为了控制移动机器人在人群密集的复杂环境中高效友好地完成避障任务,本文提出了一种人群环境中基于深度强化学习的移动机器人避障算法。首先,针对深度强化学习算法中值函数网络学习能力不足的情况,基于行人交互(crowd interaction)对值函数网络做了改进,通过行人角度网格(angel pedestrian grid)对行人之间的交互信息进行提取,并通过注意力机制(attention mechanism)提取单个行人的时序特征,学习得到当前状态与历史轨迹状态的相对重要性以及对机器人避障策略的联合影响,为之后多层感知机的学习提供先验知识;其次,依据行人空间行为(human spatial behavior)设计强化学习的奖励函数,并对机器人角度变化过大的状态进行惩罚,实现了舒适避障的要求;最后,通过仿真实验验证了人群环境中基于深度强化学习的移动机器人避障算法在人群密集的复杂环境中的可行性与有效性。
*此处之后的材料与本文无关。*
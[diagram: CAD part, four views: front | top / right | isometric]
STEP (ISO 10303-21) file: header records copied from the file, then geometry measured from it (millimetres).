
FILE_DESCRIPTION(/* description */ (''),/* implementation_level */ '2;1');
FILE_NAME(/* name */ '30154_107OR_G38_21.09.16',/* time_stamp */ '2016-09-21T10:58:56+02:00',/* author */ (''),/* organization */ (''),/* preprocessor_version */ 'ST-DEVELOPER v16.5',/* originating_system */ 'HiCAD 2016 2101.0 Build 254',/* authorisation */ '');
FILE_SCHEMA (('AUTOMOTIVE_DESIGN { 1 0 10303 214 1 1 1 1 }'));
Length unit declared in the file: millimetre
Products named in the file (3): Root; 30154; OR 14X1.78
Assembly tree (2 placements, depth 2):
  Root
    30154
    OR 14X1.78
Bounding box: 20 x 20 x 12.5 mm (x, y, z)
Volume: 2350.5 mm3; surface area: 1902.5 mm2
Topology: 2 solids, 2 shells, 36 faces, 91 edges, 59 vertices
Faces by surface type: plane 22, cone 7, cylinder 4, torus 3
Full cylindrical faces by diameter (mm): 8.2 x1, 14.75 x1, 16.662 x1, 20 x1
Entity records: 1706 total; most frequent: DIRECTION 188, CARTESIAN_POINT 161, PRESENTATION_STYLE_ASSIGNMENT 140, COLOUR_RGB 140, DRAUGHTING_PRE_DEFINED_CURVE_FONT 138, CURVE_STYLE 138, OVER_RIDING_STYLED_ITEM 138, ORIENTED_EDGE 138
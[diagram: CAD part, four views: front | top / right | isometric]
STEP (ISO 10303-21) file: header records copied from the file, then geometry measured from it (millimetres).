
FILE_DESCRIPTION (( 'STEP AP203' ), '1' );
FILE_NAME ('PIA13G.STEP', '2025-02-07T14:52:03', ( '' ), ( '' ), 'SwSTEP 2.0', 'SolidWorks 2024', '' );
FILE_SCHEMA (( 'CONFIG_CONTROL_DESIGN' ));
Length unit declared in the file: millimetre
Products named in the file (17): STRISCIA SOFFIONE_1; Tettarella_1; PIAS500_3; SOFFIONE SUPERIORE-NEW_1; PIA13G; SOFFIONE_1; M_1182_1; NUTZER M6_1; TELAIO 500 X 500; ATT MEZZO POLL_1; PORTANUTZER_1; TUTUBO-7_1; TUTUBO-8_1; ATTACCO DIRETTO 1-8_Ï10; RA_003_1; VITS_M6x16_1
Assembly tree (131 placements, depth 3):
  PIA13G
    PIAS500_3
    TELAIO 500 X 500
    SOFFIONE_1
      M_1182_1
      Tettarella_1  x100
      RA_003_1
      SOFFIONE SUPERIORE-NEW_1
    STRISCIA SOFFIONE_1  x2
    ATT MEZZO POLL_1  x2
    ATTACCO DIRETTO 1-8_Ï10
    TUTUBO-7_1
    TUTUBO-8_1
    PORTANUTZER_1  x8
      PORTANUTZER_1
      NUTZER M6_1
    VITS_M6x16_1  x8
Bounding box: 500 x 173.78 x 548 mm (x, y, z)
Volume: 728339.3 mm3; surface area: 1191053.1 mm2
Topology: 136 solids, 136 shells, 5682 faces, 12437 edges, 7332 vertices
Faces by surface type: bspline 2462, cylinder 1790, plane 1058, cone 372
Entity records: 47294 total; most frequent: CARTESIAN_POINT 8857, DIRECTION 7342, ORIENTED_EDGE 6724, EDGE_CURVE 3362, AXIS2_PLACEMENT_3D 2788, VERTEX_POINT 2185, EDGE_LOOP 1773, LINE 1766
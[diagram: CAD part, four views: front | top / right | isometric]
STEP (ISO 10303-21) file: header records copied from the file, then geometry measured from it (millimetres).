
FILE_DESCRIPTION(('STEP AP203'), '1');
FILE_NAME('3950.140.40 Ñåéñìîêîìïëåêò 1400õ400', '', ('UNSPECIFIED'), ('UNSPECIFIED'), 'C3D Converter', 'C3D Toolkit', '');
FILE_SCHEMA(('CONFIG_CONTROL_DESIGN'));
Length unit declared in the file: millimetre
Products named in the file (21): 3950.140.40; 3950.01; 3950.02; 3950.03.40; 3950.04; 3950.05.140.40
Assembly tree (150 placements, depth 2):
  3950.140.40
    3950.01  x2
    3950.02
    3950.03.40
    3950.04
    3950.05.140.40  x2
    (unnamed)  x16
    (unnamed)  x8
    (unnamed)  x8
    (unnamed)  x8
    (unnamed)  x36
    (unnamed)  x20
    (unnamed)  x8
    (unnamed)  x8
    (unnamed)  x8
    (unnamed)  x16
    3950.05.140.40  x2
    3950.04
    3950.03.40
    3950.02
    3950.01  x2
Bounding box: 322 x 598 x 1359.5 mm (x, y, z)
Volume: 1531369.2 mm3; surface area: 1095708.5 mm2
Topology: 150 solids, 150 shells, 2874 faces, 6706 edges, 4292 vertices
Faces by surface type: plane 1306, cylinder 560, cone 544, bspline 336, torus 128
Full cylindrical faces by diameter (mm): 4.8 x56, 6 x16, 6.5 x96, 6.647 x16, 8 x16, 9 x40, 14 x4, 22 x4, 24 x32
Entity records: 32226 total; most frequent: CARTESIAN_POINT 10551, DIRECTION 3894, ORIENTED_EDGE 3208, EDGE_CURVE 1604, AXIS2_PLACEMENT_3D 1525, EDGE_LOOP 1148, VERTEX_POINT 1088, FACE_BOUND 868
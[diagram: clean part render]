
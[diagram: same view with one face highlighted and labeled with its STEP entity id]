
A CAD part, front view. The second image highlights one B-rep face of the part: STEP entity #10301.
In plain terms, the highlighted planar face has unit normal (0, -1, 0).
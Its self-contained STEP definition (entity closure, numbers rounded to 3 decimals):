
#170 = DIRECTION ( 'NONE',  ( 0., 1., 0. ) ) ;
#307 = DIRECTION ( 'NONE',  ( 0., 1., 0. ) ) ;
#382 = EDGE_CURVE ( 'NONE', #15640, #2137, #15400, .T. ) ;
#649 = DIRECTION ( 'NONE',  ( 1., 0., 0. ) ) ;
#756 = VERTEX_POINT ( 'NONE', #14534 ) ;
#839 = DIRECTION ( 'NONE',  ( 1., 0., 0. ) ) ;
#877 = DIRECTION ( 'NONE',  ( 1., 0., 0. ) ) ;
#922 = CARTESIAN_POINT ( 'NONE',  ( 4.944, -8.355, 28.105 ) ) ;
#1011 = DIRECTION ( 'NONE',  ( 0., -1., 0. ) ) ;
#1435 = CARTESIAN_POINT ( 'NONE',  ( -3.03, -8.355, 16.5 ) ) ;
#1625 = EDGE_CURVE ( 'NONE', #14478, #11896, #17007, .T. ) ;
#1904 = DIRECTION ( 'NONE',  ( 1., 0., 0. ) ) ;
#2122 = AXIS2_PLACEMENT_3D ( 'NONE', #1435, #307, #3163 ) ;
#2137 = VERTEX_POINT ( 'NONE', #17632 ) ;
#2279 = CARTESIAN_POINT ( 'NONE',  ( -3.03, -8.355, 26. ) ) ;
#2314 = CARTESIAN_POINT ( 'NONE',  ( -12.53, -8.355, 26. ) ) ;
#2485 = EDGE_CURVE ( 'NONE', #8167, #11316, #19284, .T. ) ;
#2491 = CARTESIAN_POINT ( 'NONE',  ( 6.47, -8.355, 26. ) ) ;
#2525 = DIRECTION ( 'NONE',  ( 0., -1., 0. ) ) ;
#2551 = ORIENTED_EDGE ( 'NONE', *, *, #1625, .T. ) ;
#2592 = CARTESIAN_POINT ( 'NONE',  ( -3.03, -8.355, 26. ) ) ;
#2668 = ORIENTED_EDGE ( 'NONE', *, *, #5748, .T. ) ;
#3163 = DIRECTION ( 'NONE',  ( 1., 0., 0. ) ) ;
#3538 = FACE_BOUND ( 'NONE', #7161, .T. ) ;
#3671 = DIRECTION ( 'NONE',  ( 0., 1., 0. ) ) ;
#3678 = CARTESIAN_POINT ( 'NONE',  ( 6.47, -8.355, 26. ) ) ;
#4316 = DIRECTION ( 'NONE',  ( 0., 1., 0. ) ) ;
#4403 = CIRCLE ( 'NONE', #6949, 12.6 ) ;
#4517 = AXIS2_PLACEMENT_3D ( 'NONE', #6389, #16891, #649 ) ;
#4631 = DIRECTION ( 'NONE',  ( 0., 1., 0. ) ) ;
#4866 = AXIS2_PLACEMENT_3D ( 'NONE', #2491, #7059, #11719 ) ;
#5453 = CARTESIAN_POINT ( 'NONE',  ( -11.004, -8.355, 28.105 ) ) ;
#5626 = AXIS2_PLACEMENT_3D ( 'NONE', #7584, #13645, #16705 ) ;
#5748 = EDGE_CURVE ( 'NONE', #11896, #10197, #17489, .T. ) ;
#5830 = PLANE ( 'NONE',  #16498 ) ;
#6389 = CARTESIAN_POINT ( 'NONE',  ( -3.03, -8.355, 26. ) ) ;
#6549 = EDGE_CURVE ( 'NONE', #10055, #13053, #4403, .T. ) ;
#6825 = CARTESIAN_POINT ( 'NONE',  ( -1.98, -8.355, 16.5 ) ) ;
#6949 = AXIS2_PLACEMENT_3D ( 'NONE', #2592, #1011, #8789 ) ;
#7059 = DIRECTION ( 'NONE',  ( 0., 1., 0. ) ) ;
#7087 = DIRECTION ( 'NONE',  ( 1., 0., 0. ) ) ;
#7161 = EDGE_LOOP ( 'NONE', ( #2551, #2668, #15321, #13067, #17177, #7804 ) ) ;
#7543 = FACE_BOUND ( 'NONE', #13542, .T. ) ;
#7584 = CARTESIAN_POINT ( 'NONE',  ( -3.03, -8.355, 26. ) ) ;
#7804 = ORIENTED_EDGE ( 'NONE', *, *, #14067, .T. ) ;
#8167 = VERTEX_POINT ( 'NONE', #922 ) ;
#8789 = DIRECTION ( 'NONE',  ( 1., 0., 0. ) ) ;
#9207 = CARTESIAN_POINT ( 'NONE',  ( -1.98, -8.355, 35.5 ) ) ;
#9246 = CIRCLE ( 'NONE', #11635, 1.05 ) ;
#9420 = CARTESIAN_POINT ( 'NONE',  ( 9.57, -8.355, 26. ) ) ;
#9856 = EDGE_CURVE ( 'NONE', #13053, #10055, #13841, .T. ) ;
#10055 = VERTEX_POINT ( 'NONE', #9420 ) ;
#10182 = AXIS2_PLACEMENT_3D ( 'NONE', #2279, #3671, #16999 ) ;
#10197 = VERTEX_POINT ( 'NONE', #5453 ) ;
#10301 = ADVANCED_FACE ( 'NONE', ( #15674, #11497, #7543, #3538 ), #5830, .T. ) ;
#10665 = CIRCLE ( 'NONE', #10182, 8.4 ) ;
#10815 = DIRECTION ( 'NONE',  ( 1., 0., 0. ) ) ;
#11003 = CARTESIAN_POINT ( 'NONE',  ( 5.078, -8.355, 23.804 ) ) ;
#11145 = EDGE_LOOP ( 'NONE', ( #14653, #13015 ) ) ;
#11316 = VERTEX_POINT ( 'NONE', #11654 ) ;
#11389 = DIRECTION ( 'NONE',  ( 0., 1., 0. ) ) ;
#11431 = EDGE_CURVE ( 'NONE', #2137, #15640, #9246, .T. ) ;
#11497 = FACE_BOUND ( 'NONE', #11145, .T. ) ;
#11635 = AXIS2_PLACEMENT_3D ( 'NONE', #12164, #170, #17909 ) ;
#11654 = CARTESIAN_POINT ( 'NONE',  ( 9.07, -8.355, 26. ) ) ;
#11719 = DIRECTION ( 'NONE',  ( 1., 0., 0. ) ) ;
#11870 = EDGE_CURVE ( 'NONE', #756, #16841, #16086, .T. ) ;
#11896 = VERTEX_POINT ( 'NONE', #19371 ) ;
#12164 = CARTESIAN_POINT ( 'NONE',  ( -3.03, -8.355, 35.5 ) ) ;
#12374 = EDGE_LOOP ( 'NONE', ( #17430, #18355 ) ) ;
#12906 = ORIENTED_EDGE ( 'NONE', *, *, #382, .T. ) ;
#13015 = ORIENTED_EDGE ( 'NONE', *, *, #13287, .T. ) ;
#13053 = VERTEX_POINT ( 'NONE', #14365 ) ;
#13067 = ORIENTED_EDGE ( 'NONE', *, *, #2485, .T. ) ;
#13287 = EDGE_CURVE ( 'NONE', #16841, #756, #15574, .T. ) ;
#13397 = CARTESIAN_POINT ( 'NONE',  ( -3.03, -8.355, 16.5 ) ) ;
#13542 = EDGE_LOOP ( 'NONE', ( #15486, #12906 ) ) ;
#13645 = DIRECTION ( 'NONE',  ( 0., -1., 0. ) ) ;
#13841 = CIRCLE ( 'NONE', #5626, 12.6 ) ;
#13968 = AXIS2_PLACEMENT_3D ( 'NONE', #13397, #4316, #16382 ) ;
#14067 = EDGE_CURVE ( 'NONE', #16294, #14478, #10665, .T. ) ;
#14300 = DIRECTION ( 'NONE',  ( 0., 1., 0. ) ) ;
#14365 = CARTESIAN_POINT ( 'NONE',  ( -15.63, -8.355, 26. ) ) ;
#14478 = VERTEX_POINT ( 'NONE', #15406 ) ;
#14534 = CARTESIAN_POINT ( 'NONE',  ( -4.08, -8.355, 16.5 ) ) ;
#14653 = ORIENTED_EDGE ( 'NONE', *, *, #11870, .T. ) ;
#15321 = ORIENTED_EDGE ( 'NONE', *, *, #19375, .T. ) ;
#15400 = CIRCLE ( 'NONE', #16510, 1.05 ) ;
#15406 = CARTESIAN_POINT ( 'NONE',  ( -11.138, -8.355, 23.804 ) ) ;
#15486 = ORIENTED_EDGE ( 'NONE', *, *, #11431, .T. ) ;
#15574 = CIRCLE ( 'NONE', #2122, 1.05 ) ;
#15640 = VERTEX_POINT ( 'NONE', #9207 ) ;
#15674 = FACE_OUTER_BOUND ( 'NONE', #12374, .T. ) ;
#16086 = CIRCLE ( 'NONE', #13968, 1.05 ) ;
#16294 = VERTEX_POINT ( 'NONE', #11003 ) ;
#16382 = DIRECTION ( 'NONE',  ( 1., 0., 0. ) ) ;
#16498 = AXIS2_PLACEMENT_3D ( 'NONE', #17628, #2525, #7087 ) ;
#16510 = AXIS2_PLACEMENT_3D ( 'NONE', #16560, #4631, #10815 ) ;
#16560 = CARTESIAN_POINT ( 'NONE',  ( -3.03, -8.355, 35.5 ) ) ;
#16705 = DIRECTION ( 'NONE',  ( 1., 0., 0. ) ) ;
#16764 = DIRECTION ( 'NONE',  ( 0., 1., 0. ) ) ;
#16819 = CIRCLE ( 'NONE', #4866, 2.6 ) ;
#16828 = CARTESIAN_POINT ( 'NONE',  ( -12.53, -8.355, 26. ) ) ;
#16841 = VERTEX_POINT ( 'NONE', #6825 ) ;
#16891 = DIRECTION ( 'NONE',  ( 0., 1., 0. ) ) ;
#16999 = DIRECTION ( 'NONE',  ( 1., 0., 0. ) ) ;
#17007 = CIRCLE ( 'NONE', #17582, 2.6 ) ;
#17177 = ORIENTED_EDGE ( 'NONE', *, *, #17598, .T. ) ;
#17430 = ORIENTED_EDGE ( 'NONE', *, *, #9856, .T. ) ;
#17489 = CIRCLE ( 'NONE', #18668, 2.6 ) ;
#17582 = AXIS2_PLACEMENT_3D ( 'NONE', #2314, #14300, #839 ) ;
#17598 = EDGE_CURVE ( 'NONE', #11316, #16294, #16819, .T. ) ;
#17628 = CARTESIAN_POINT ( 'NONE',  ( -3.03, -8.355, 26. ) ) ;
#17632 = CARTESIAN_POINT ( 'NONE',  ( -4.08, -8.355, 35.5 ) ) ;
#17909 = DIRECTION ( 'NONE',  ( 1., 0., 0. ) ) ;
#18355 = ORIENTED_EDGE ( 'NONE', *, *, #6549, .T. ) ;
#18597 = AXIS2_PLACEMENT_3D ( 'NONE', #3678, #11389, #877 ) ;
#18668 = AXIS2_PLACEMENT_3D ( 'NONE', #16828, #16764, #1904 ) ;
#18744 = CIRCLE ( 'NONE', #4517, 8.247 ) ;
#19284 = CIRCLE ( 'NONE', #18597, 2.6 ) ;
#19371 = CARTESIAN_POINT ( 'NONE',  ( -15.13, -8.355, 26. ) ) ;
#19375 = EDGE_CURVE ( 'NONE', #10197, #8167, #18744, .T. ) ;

To control mobile robots to efficiently perform obstacle avoidance in crowded and complex environments,a mobile robot obstacle avoidance algorithm based on deep reinforcement learning in the human-robot integration environment is proposed.First,in response to the lack of learning capability of the value network of deep reinforcement learning algorithms,the value function network is improved based on crowd interaction.The crowd information is exchanged through the angel pedestrian grid.The temporal characteristics of a single pedestrian are then extracted through an attention mechanism,which learns the relative importance of historical trajectory state and joint impact on the obstacle avoidance strategy of the robot,providing a first step for the subsequent learning of the multilayer perceptron.Next,a reward function was developed for reinforcement learning based on human spatial behavior.The state where the robot angle changes significantly is punished to achieve the requirements of comfortable obstacle avoidance.Finally,the feasibility and effectiveness of the proposed algorithm in crowded and complex environments are verified through simulation experiments.